# Blown Roof Hatches! Watch Out!



## Edrick (Apr 17, 2007)

So we did an event called The Mother Daughter Banquet last week, and lets just say our seniors and the guys specifically are pretty out of control. Who isn't when you're a senior and in highschool?

So when no one was around they went into the back closet and went off onto the roof. Now supposedly an alarm went off which notified the cops and the lovely one janitor we don't get along with that works here still was the one to come check. Now I had just gotten back into the room and noticed that the hatch was open and he walked in. Naturally he looks at me first and I explain what went on about how I had just gotten back and it was open so he goes up and pulls the students down.

Now what does he do? Decides to be the nice janitor he is and tell the students not to worry about it and he will just tell them that it was one of the custodians on the roof, and he sends them along. Well we're almost ready for the event to start and I get stopped by him and a group of janitors where he states infront of them all that it was me and my team, and tells me I have to control my well behaved tech team. Who was left to watch after a group of about 20 male seniors. 

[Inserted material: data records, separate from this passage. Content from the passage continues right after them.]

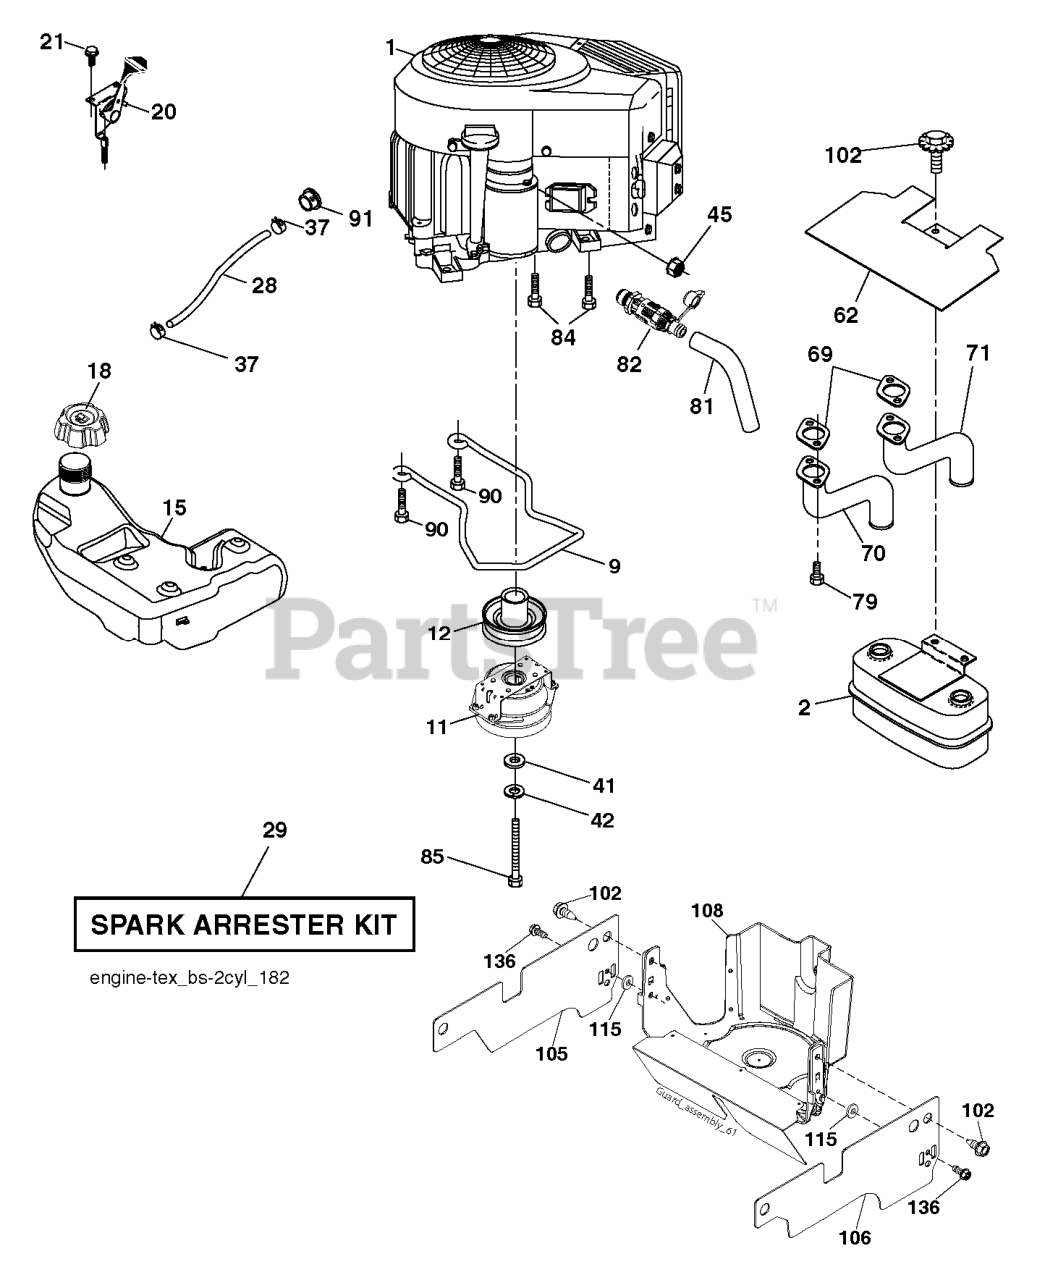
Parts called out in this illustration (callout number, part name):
2	MUFFLER.ASM.TWIN.MNTG.BRACKET
9	KEEPER.BELT.ENG.4.25"2.BLT.431
11	CLUTCH.OGURA.4.4PD.GT1.5-EH13V
12	PULLEY.ENGINE.TUFFTORQ
15	FUEL.TANK.ASM.3.0GAL.REAR.2019
18	CAP ASSY FUEL 3" GRAY
18	FUEL CAP
20	THROTTLE.COBRA.38"READSTART.BK
21	SCREW.#10 X 0.750.BOS
28	REPL BY 532 00 85-43
29	KIT.SPARK ARRESTOR 794945 B&S
37	HOSE CLAMP
42	WASHER 7/16 LOCK
45	NUT
62	SHIELD.HEAT.MUFFLER
69	GASKET.MUFFLER
70	EXHAUST.TUBE.LH.BS/TWIN
71	EXHAUST.TUBE.RH.B&S.TWIN.INTEK
79	SCREW.SOCKET.HEAD.5/16-18
81	TUBE, DRAIN OIL ASM.
82	VALUE.OIL.DRAIN
84	SCREW.3/8-16
85	CLUTCH BOLT7/16-20X3.5 GR524HR
90	SCREW 3/8-16X1
91	BUSHING.1.375OD
102	SCREW
105	SHIELD.SIDE.LH.3842"TEX FRN.BK
106	SHIELD.SIDE.LH.3842"TEX FRN.BK
108	COVER.PULLEY.ENG.W/SHLD.38"42"
136	SCREW.#10 X 0.500

As most of you know me and my tech team our selfs are only students, the advisors for the event were no where to be seen. The group had already gotten introuble for spilling drinks on the carpet, playing football, and other things in the theater. They event went as far as to take a chair out of the main office and drive off the stage with it and with a person in it, thus breaking off the wheels. 

So once again i clarify who it was and the event goes on, me running back and forth between the booth, back stage, and the cable studio to make sure everythings going alright. As usual at the end we get nothing but compliments from the people and the advisors and how we deserve much more credit and ect... I then see one of the last people who are directing this group and they're from our guidance department and she says how disappointed she is that we were on the roof. Once again I have to restate that it wasn't any of us but infact people from their group. She was quiet for the rest of the night but said thanks and all the next day.



So we go in that thursday to the building manager to talk with him and again tell him what happened and he says we're all set he knows it wasn't us and we continue talking as normal about what needs to be done for the drama production. Sound system one of the speakers may be blown, the seat lights still aren't working since the school opened. ect... 

So fast foward to today (on vacation) I go in to meet the assistant and the drama director to do lighting cues. I get stopped by the building manager and non other than our good friend tom the janitor. (sarcasm), and instantly without even asking me anything I get yelled at and accused of being a liar (that's what you get for being a student excepted to run the whole theater) I keep trying to explain my self and what had happened and I'm constantly told how I'm lying and the janitor insists he's correct and it was two of MY TEAM, (we only had 3 people including my self) all 3 of which were in other locations doing something else pre show. Yet tom had to be correct. Well what had happened is the roof hatch had blown open in a recent storm and all the water got in thus destroying the drop down ceiling in the storage room where the hatch is. 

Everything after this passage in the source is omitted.